4.3. Downloading Each File with cURL

Once we have the list of file names, we can use xargs to download them in bulk using curl:

$ grep -oP '(?<=href=")[^"]*' directory-listing.html | xargs -n 1 -I {} curl -O https://example.com/files_directory/{}

In this command, grep extracts file names from the directory listing page and then pipes the filenames to xargs, which runs curl for each file. Finally, the -O option saves the files with their original names.

4.4. Automating the Process with a Script

We can easily automate the process, especially if we regularly download files from directory listings. For instance, here’s a simple script to download all files from a directory listing page:

#!/bin/bash

# URL of the directory
URL="https://example.com/files_directory/"

# Download the directory listing
curl $URL > directory-listing.html

# Extract file links and download them
grep -oP '(?<=href=")[^"]*' directory-listing.html | while read -r file; do
    curl -O $URL/$file
done

The script above downloads the directory listing using curl and extracts all file links using grep. Finally, it iterates over each file link and downloads it using curl.

We then save the script and make it executable:

$ chmod +x download_files.sh

We can also modify the script to download files from different directories.

5. Handling Servers Without Directory Listings

If the server doesn’t provide a directory listing, we can check for an FTP or WebDAV interface that lets us list and download files. Moreover, curl can also be used to interact with FTP or WebDAV servers.

Let’s download files via FTP:

$ curl ftp://username:[email protected]/files/ -O

Alternatively, we can use a different tool like wget. It’s an excellent alternative that supports recursive downloading and can handle directory structures more easily than curl.

Let’s look at a simple example of how to download files from a directory recursively:

$ wget -r -np -nH --cut-dirs=1 -R "index.html*" https://example.com/files/

Let’s look at the breakdown of the command above:

  • -r enables recursive downloading
  • -np ensures that wget doesn’t ascend to the parent directory
  • -nH prevents the creation of a host directory
  • –cut-dirs=1 removes a portion of the directory path
  • -R “index.html*” excludes index.html files from being downloaded

wget is a more robust tool for downloading entire directory structures, making it a useful alternative when curl falls short.

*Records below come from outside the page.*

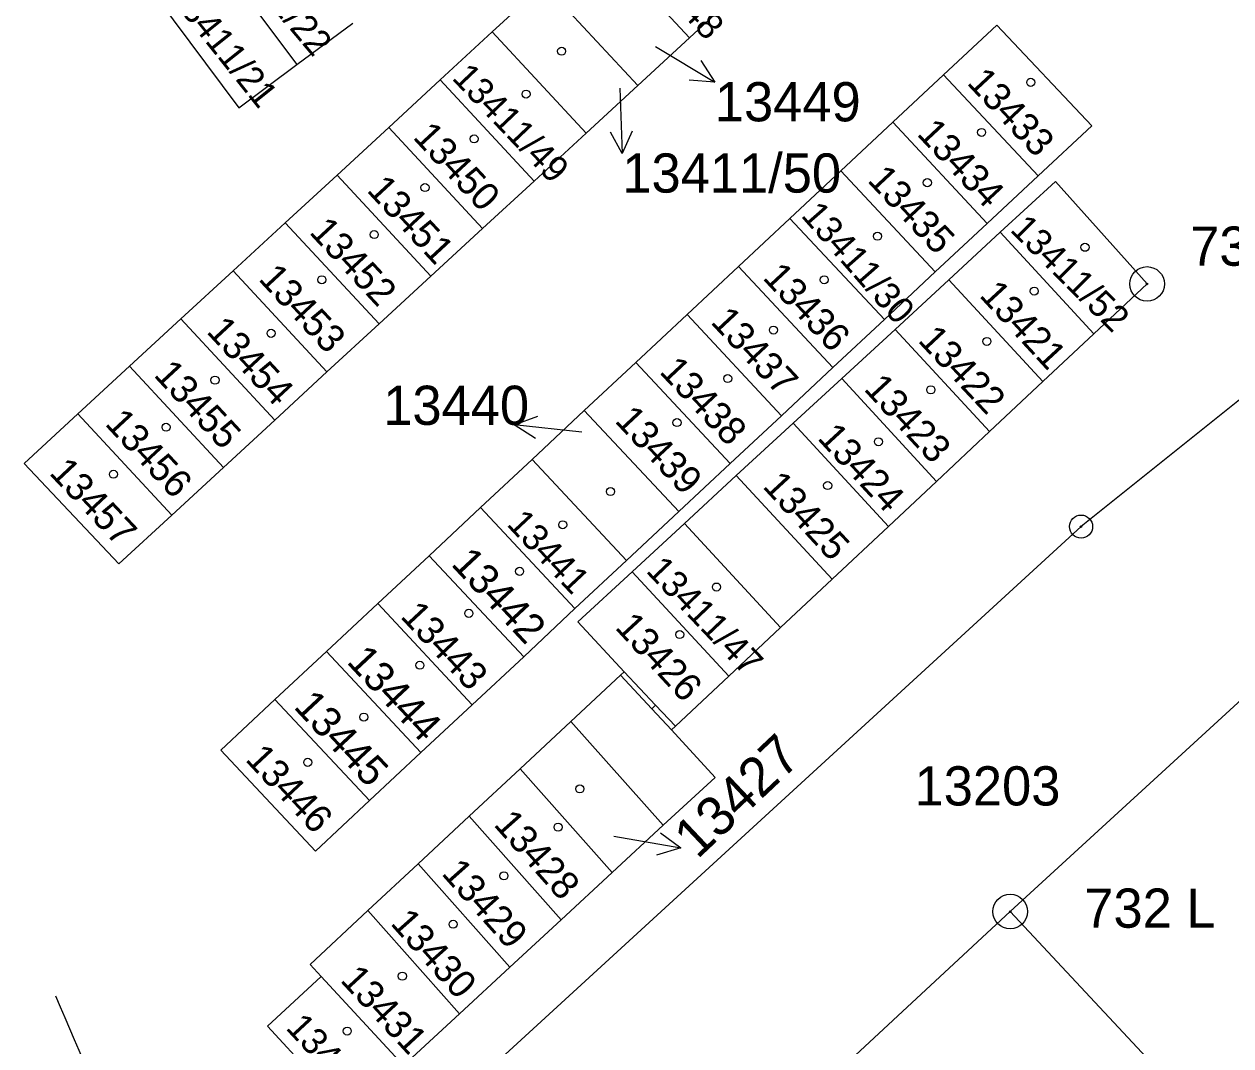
# Model space of a CAD drawing. Extents: x -822293 to -820259, y -1071573 to -1068794.
# Drawn here: x -820649.7 to -820597.4, y -1071147.9 to -1071103.6 of the extents above; entities that cross this region are included whole.
import ezdxf

# ---------------------------------------------------------------- set-up
doc = ezdxf.new("R2010")
doc.units = 0
for name, color, linetype in [('Vrstva 1', 7, 'Continuous'), ('Vrstva 10', 7, 'Continuous'), ('Vrstva 16', 7, 'Continuous'), ('Vrstva 17', 7, 'Continuous'), ('Vrstva 18', 7, 'Continuous'), ('Vrstva 19', 7, 'Continuous'), ('Vrstva 2', 7, 'Continuous'), ('Vrstva 24', 7, 'Continuous'), ('Vrstva 25', 7, 'Continuous'), ('Vrstva 3', 7, 'Continuous'), ('Vrstva 4', 7, 'Continuous')]:
    doc.layers.add(name, color=color, linetype=linetype)

msp = doc.modelspace()

# ---------------------------------------------------------------- linework, layer by layer
at = {"layer": 'Vrstva 1'}
for p, q in [((-820592.5, -1071116.26), (-820603.93, -1071125.41)), ((-820603.93, -1071125.41), (-820635.05, -1071153.94)), ((-820607, -1071142.1), (-820595.21, -1071131.28)), ((-820622.53, -1071133.31), (-820622.37, -1071133.15)), ((-820621.68, -1071134.22), (-820622.53, -1071133.31)), ((-820621.51, -1071134.06), (-820621.68, -1071134.22))]:
    msp.add_line(p, q, dxfattribs=at)
at = {"layer": 'Vrstva 10'}
msp.add_spline([(-820648.37, -1071145.75), (-820635.21, -1071175.92), (-820619.77, -1071208), (-820606.88, -1071231.72), (-820592.84, -1071254.92), (-820557.31, -1071306.48), (-820522.72, -1071349.67), (-820487.72, -1071388.36), (-820440.04, -1071434.15), (-820382.01, -1071481.32), (-820258.78, -1071573.12)], degree=3, dxfattribs=at)
at = {"layer": 'Vrstva 16'}
for p, q in [((-820622.37, -1071104.6), (-820619.8, -1071106.14)), ((-820623.92, -1071106.4), (-820623.81, -1071109.23)), ((-820625.57, -1071121.31), (-820628.5, -1071121)), ((-820624.17, -1071138.83), (-820621.28, -1071139.34))]:
    msp.add_line(p, q, dxfattribs=at)
for points in [[(-820620.4, -1071105.198), (-820619.8, -1071106.14), (-820620.913, -1071106.055)], [(-820623.375, -1071108.268), (-820623.81, -1071109.23), (-820624.318, -1071108.305)], [(-820627.575, -1071121.592), (-820628.5, -1071121), (-820627.472, -1071120.615)], [(-820622.158, -1071138.688), (-820621.28, -1071139.34), (-820622.328, -1071139.652)]]:
    msp.add_lwpolyline(points, dxfattribs=at)
at = {"layer": 'Vrstva 2'}
for p, q in [((-820641.91, -1071100.01), (-820637.92, -1071105.38)), ((-820624.97, -1071099.83), (-820620.9, -1071104.22)), ((-820644.43, -1071101.87), (-820640.43, -1071107.25)), ((-820629.45, -1071103.96), (-820627.21, -1071101.9)), ((-820623.14, -1071106.28), (-820627.21, -1071101.9)), ((-820620.9, -1071104.22), (-820618.67, -1071102.16)), ((-820637.92, -1071105.38), (-820635.49, -1071103.58)), ((-820631.7, -1071106.04), (-820629.45, -1071103.96)), ((-820625.38, -1071108.35), (-820629.45, -1071103.96)), ((-820607.58, -1071103.67), (-820609.89, -1071105.82)), ((-820603.47, -1071108.04), (-820607.58, -1071103.67)), ((-820620.9, -1071104.22), (-820623.14, -1071106.28)), ((-820640.43, -1071107.25), (-820637.92, -1071105.38)), ((-820633.93, -1071108.1), (-820631.7, -1071106.04)), ((-820631.7, -1071106.04), (-820627.63, -1071110.43)), ((-820609.89, -1071105.82), (-820612.09, -1071107.88)), ((-820609.89, -1071105.82), (-820605.79, -1071110.2)), ((-820625.38, -1071108.35), (-820623.14, -1071106.28)), ((-820636.17, -1071110.17), (-820633.93, -1071108.1)), ((-820633.93, -1071108.1), (-820629.87, -1071112.49)), ((-820612.09, -1071107.88), (-820614.34, -1071109.99)), ((-820612.09, -1071107.88), (-820608, -1071112.27)), ((-820605.79, -1071110.2), (-820603.47, -1071108.04)), ((-820627.63, -1071110.43), (-820625.38, -1071108.35)), ((-820638.42, -1071112.24), (-820636.17, -1071110.17)), ((-820636.17, -1071110.17), (-820632.11, -1071114.55)), ((-820616.55, -1071112.05), (-820614.34, -1071109.99)), ((-820614.34, -1071109.99), (-820610.25, -1071114.37)), ((-820608, -1071112.27), (-820605.79, -1071110.2)), ((-820627.63, -1071110.43), (-820629.87, -1071112.49)), ((-820605.04, -1071110.45), (-820607.43, -1071112.65)), ((-820601.07, -1071114.89), (-820605.04, -1071110.45)), ((-820640.67, -1071114.32), (-820638.42, -1071112.24)), ((-820638.42, -1071112.24), (-820634.35, -1071116.62)), ((-820616.55, -1071112.05), (-820618.78, -1071114.13)), ((-820612.45, -1071116.43), (-820616.55, -1071112.05)), ((-820610.25, -1071114.37), (-820608, -1071112.27)), ((-820629.87, -1071112.49), (-820632.11, -1071114.55)), ((-820607.43, -1071112.65), (-820609.66, -1071114.71)), ((-820603.37, -1071117.05), (-820607.43, -1071112.65)), ((-820642.94, -1071116.4), (-820640.67, -1071114.32)), ((-820640.67, -1071114.32), (-820636.61, -1071118.7)), ((-820618.78, -1071114.13), (-820621, -1071116.22)), ((-820618.78, -1071114.13), (-820614.68, -1071118.51)), ((-820612.45, -1071116.43), (-820610.25, -1071114.37)), ((-820632.11, -1071114.55), (-820634.35, -1071116.62)), ((-820609.66, -1071114.71), (-820611.99, -1071116.86)), ((-820609.66, -1071114.71), (-820605.58, -1071119.12)), ((-820603.37, -1071117.05), (-820601.07, -1071114.89)), ((-820645.16, -1071118.45), (-820642.94, -1071116.4)), ((-820642.94, -1071116.4), (-820638.87, -1071120.79)), ((-820621, -1071116.22), (-820623.23, -1071118.3)), ((-820621, -1071116.22), (-820616.91, -1071120.6)), ((-820614.68, -1071118.51), (-820612.45, -1071116.43)), ((-820634.35, -1071116.62), (-820636.61, -1071118.7)), ((-820611.99, -1071116.86), (-820614.3, -1071118.99)), ((-820611.99, -1071116.86), (-820607.9, -1071121.29)), ((-820605.58, -1071119.12), (-820603.37, -1071117.05)), ((-820647.4, -1071120.52), (-820645.16, -1071118.45)), ((-820645.16, -1071118.45), (-820641.09, -1071122.84)), ((-820623.23, -1071118.3), (-820625.46, -1071120.38)), ((-820623.23, -1071118.3), (-820619.14, -1071122.68)), ((-820616.91, -1071120.6), (-820614.68, -1071118.51)), ((-820636.61, -1071118.7), (-820638.87, -1071120.79)), ((-820614.3, -1071118.99), (-820616.41, -1071120.93)), ((-820614.3, -1071118.99), (-820610.19, -1071123.45)), ((-820607.9, -1071121.29), (-820605.58, -1071119.12)), ((-820649.73, -1071122.67), (-820647.4, -1071120.52)), ((-820647.4, -1071120.52), (-820643.33, -1071124.91)), ((-820625.46, -1071120.38), (-820627.72, -1071122.5)), ((-820625.46, -1071120.38), (-820621.36, -1071124.76)), ((-820619.14, -1071122.68), (-820616.91, -1071120.6)), ((-820638.87, -1071120.79), (-820641.09, -1071122.84)), ((-820616.41, -1071120.93), (-820618.87, -1071123.2)), ((-820616.41, -1071120.93), (-820612.28, -1071125.4)), ((-820610.19, -1071123.45), (-820607.9, -1071121.29)), ((-820645.63, -1071127.03), (-820649.73, -1071122.67)), ((-820627.72, -1071122.5), (-820629.95, -1071124.58)), ((-820627.72, -1071122.5), (-820623.63, -1071126.88)), ((-820621.36, -1071124.76), (-820619.14, -1071122.68)), ((-820641.09, -1071122.84), (-820643.33, -1071124.91)), ((-820618.87, -1071123.2), (-820614.72, -1071127.69)), ((-820612.28, -1071125.4), (-820610.19, -1071123.45)), ((-820629.95, -1071124.58), (-820632.18, -1071126.67)), ((-820629.95, -1071124.58), (-820625.86, -1071128.96)), ((-820623.63, -1071126.88), (-820621.36, -1071124.76)), ((-820643.33, -1071124.91), (-820645.63, -1071127.03)), ((-820623.38, -1071127.37), (-820621.12, -1071125.28)), ((-820621.12, -1071125.28), (-820616.96, -1071129.79)), ((-820614.72, -1071127.69), (-820612.28, -1071125.4)), ((-820632.18, -1071126.67), (-820634.41, -1071128.75)), ((-820632.18, -1071126.67), (-820628.08, -1071131.05)), ((-820625.86, -1071128.96), (-820623.63, -1071126.88)), ((-820625.74, -1071129.54), (-820623.38, -1071127.37)), ((-820623.38, -1071127.37), (-820619.2, -1071131.89)), ((-820634.41, -1071128.75), (-820636.63, -1071130.83)), ((-820634.41, -1071128.75), (-820630.31, -1071133.13)), ((-820628.08, -1071131.05), (-820625.86, -1071128.96)), ((-820623.73, -1071131.7), (-820625.74, -1071129.54)), ((-820616.96, -1071129.79), (-820619.2, -1071131.89)), ((-820636.63, -1071130.83), (-820638.86, -1071132.91)), ((-820636.63, -1071130.83), (-820632.54, -1071135.21)), ((-820630.31, -1071133.13), (-820628.08, -1071131.05)), ((-820622.37, -1071133.15), (-820623.73, -1071131.7)), ((-820619.2, -1071131.89), (-820621.51, -1071134.06)), ((-820638.86, -1071132.91), (-820641.2, -1071135.1)), ((-820638.86, -1071132.91), (-820634.77, -1071137.29)), ((-820632.54, -1071135.21), (-820630.31, -1071133.13)), ((-820626.04, -1071133.86), (-820628.24, -1071135.91)), ((-820622.04, -1071138.36), (-820626.04, -1071133.86)), ((-820641.2, -1071135.1), (-820637.11, -1071139.48)), ((-820634.77, -1071137.29), (-820632.54, -1071135.21)), ((-820628.24, -1071135.91), (-820630.45, -1071137.97)), ((-820624.25, -1071140.4), (-820628.24, -1071135.91)), ((-820637.11, -1071139.48), (-820634.77, -1071137.29)), ((-820630.45, -1071137.97), (-820632.66, -1071140.03)), ((-820626.46, -1071142.46), (-820630.45, -1071137.97)), ((-820624.25, -1071140.4), (-820622.04, -1071138.36)), ((-820632.66, -1071140.03), (-820634.84, -1071142.06)), ((-820628.68, -1071144.51), (-820632.66, -1071140.03)), ((-820626.46, -1071142.46), (-820624.25, -1071140.4)), ((-820634.84, -1071142.06), (-820637.34, -1071144.39)), ((-820630.87, -1071146.53), (-820634.84, -1071142.06)), ((-820613.71, -1071148.32), (-820607, -1071142.1)), ((-820607, -1071142.1), (-820598.65, -1071151.04)), ((-820628.68, -1071144.51), (-820626.46, -1071142.46)), ((-820637.34, -1071144.39), (-820636.86, -1071144.91)), ((-820630.87, -1071146.53), (-820628.68, -1071144.51)), ((-820639.19, -1071147.07), (-820636.86, -1071144.91)), ((-820636.86, -1071144.91), (-820633.29, -1071148.77)), ((-820633.29, -1071148.77), (-820630.87, -1071146.53)), ((-820635.62, -1071150.93), (-820639.19, -1071147.07))]:
    msp.add_line(p, q, dxfattribs=at)
at = {"layer": 'Vrstva 24'}
for centre, radius in [((-820601.07, -1071114.89), 0.75), ((-820601.07, -1071114.89), 0.0327), ((-820603.93, -1071125.41), 0.5), ((-820603.93, -1071125.41), 0.0327), ((-820607, -1071142.1), 0.75), ((-820607, -1071142.1), 0.0327)]:
    msp.add_circle(centre, radius, dxfattribs=at)
at = {"layer": 'Vrstva 25'}
for centre in [(-820626.44, -1071104.8), (-820606.11, -1071106.15), (-820627.98, -1071106.66), (-820608.24, -1071108.32), (-820630.23, -1071108.6), (-820632.36, -1071110.71), (-820610.59, -1071110.5), (-820634.56, -1071112.75), (-820612.75, -1071112.82), (-820603.76, -1071113.3), (-820636.83, -1071114.71), (-820615.06, -1071114.71), (-820605.96, -1071115.2), (-820639.03, -1071117.03), (-820617.26, -1071116.89), (-820608.01, -1071117.38), (-820641.46, -1071119.06), (-820619.24, -1071118.99), (-820610.44, -1071119.48), (-820643.58, -1071121.1), (-820621.44, -1071120.9), (-820612.71, -1071121.73), (-820645.86, -1071123.14), (-820624.32, -1071123.89), (-820614.91, -1071123.63), (-820626.39, -1071125.33), (-820628.26, -1071127.35), (-820619.73, -1071128.03), (-820630.46, -1071129.17), (-820621.32, -1071130.09), (-820632.58, -1071131.42), (-820635.01, -1071133.67), (-820637.44, -1071135.63), (-820625.65, -1071136.78), (-820626.59, -1071138.44), (-820628.94, -1071140.55), (-820631.14, -1071142.65), (-820633.34, -1071144.9), (-820635.73, -1071147.28)]:
    msp.add_circle(centre, 0.175, dxfattribs=at)
at = {"layer": 'Vrstva 3'}
msp.add_line((-820622.37, -1071133.15), (-820621.51, -1071134.06), dxfattribs=at)
at = {"layer": 'Vrstva 4'}
for p, q in [((-820621.12, -1071125.28), (-820618.87, -1071123.2)), ((-820616.96, -1071129.79), (-820614.72, -1071127.69)), ((-820626.04, -1071133.86), (-820623.89, -1071131.85)), ((-820623.89, -1071131.85), (-820623.73, -1071131.7)), ((-820623.89, -1071131.85), (-820622.53, -1071133.31)), ((-820619.78, -1071136.28), (-820621.68, -1071134.22)), ((-820622.04, -1071138.36), (-820619.78, -1071136.28))]:
    msp.add_line(p, q, dxfattribs=at)

# ---------------------------------------------------------------- texts
at = {"layer": 'Vrstva 16'}
for s, p in [('13449', (-820619.8, -1071107.84)), ('13411/50', (-820623.81, -1071110.93)), ('13440', (-820634.169, -1071121))]:
    msp.add_text(s, height=1.7, dxfattribs=at).set_placement(p)
msp.add_text('13427', height=1.7, rotation=43.3634, dxfattribs=at).set_placement((-820620.56, -1071139.86))
at = {"layer": 'Vrstva 17'}
for s, p in [('733 L', (-820599.2, -1071114.1)), ('732 L', (-820603.79, -1071142.8))]:
    msp.add_text(s, height=1.7, dxfattribs=at).set_placement(p)
at = {"layer": 'Vrstva 18'}
msp.add_text('13203', height=1.7, dxfattribs=at).set_placement((-820611.146, -1071137.5))
at = {"layer": 'Vrstva 19'}
for s, height, rotation, p in [('13411/48', 1.139, 312.3028, (-820624.43, -1071099.69)), ('13411/22', 1.139, 310.0976, (-820641.27, -1071100.24)), ('13411/21', 1.139, 308.6017, (-820643.51, -1071102.38)), ('13411/49', 1.139, 313.5484, (-820631.23, -1071105.99)), ('13433', 1.2, 313.0699, (-820608.914, -1071106.197)), ('13450', 1.2, 312.8369, (-820632.925, -1071108.549)), ('13434', 1.2, 313.0693, (-820611.084, -1071108.409)), ('13435', 1.2, 313.0709, (-820613.23, -1071110.422)), ('13451', 1.2, 312.8384, (-820634.919, -1071110.855)), ('13411/30', 1.139, 311.2581, (-820616.1, -1071111.94)), ('13452', 1.2, 312.8383, (-820637.411, -1071112.672)), ('13411/52', 1.139, 315.2182, (-820607.05, -1071112.58)), ('13453', 1.2, 312.8366, (-820639.615, -1071114.697)), ('13436', 1.2, 313.0694, (-820617.764, -1071114.649)), ('13421', 1.2, 312.6906, (-820608.375, -1071115.413)), ('13437', 1.2, 313.0709, (-820620.021, -1071116.563)), ('13454', 1.2, 312.8385, (-820641.866, -1071116.979)), ('13422', 1.2, 313.1386, (-820611.036, -1071117.368)), ('13455', 1.2, 312.8368, (-820644.151, -1071118.862)), ('13438', 1.2, 313.0709, (-820622.243, -1071118.719)), ('13423', 1.2, 312.6911, (-820613.381, -1071119.464)), ('13456', 1.2, 312.8382, (-820646.266, -1071120.979)), ('13439', 1.2, 313.0691, (-820624.174, -1071120.849)), ('13424', 1.2, 312.6914, (-820615.392, -1071121.597)), ('13457', 1.2, 313.2462, (-820648.681, -1071123.111)), ('13425', 1.2, 312.692, (-820617.768, -1071123.689)), ('13441', 1.139, 313.1748, (-820628.86, -1071125.33)), ('13442', 1.3, 313.0704, (-820631.27, -1071127.057)), ('13411/47', 1.139, 313.5312, (-820622.82, -1071127.36)), ('13443', 1.2, 313.0687, (-820633.464, -1071129.329)), ('13426', 1.2, 312.6914, (-820624.162, -1071129.807)), ('13444', 1.3, 313.0701, (-820635.794, -1071131.295)), ('13445', 1.3, 313.07, (-820638.09, -1071133.248)), ('13446', 1.2, 313.07, (-820640.185, -1071135.53)), ('13428', 1.2, 311.6483, (-820629.419, -1071138.346)), ('13429', 1.2, 311.6455, (-820631.68, -1071140.467)), ('13430', 1.2, 311.644, (-820633.893, -1071142.632)), ('13431', 1.2, 312.7763, (-820636.071, -1071145.099)), ('13432', 1.139, 312.9521, (-820638.43, -1071147.17))]:
    msp.add_text(s, height=height, rotation=rotation, dxfattribs=at).set_placement(p)
for s, p in [('13449', (-820622.37, -1071104.6)), ('13411/50', (-820623.92, -1071106.4)), ('13440', (-820625.57, -1071121.31)), ('13427', (-820624.17, -1071138.83))]:
    msp.add_text(s, height=0.005, dxfattribs=at).set_placement(p)

doc.saveas('drawing.dxf')

In some directory listings, file links might be relative rather than absolute. In such cases, we’ll need to modify the script to handle this.

Let’s look at examples of relative links that we might find:

<a href="file1.zip">file1.zip</a>
<a href="subdirectory/file2.zip">file2.zip</a>

We can adjust the curl command to account for the base URL and relative paths. For example, here’s an updated version of the script that handles both absolute and relative links:

#!/bin/bash

# URL of the directory
URL="https://example.com/files_directory/"

# Download the directory listing
curl $URL > directory-listing.html

# Extract file links and download them
grep -oP '(?<=href=")[^"]*' directory-listing.html | while read -r file; do
    # Handle both relative and absolute links
    if [[ $file == http* ]]; then
        curl -O $file
    else
        curl -O $URL$file
    fi
done

We’re constructing the full URL for each file by appending the extracted file’s name to the base URL stored in the $URL variable.

On the other hand, if the server requires authentication, we can include the -u option in the curl command:

$ curl -u username:password -O https://example.com/files_directory/file.zip

We can specify a username and password to download the file.

7. Conclusion

In this article, we’ve looked at how to download all files within a directory using cURL. Additionally, we wrote a script that automates the process while considering absolute and relative file paths.

Downloading all files in a directory with curl can be tricky since HTTP servers don’t always expose directory listings. Moreover, curl doesn’t have built-in support for recursive downloads. However, by combining curl with tools such as grep and xargs, we can automate the process for servers that provide directory listings.

In cases where the server doesn’t allow directory listings, or when we need recursive downloads, wget may be a better option.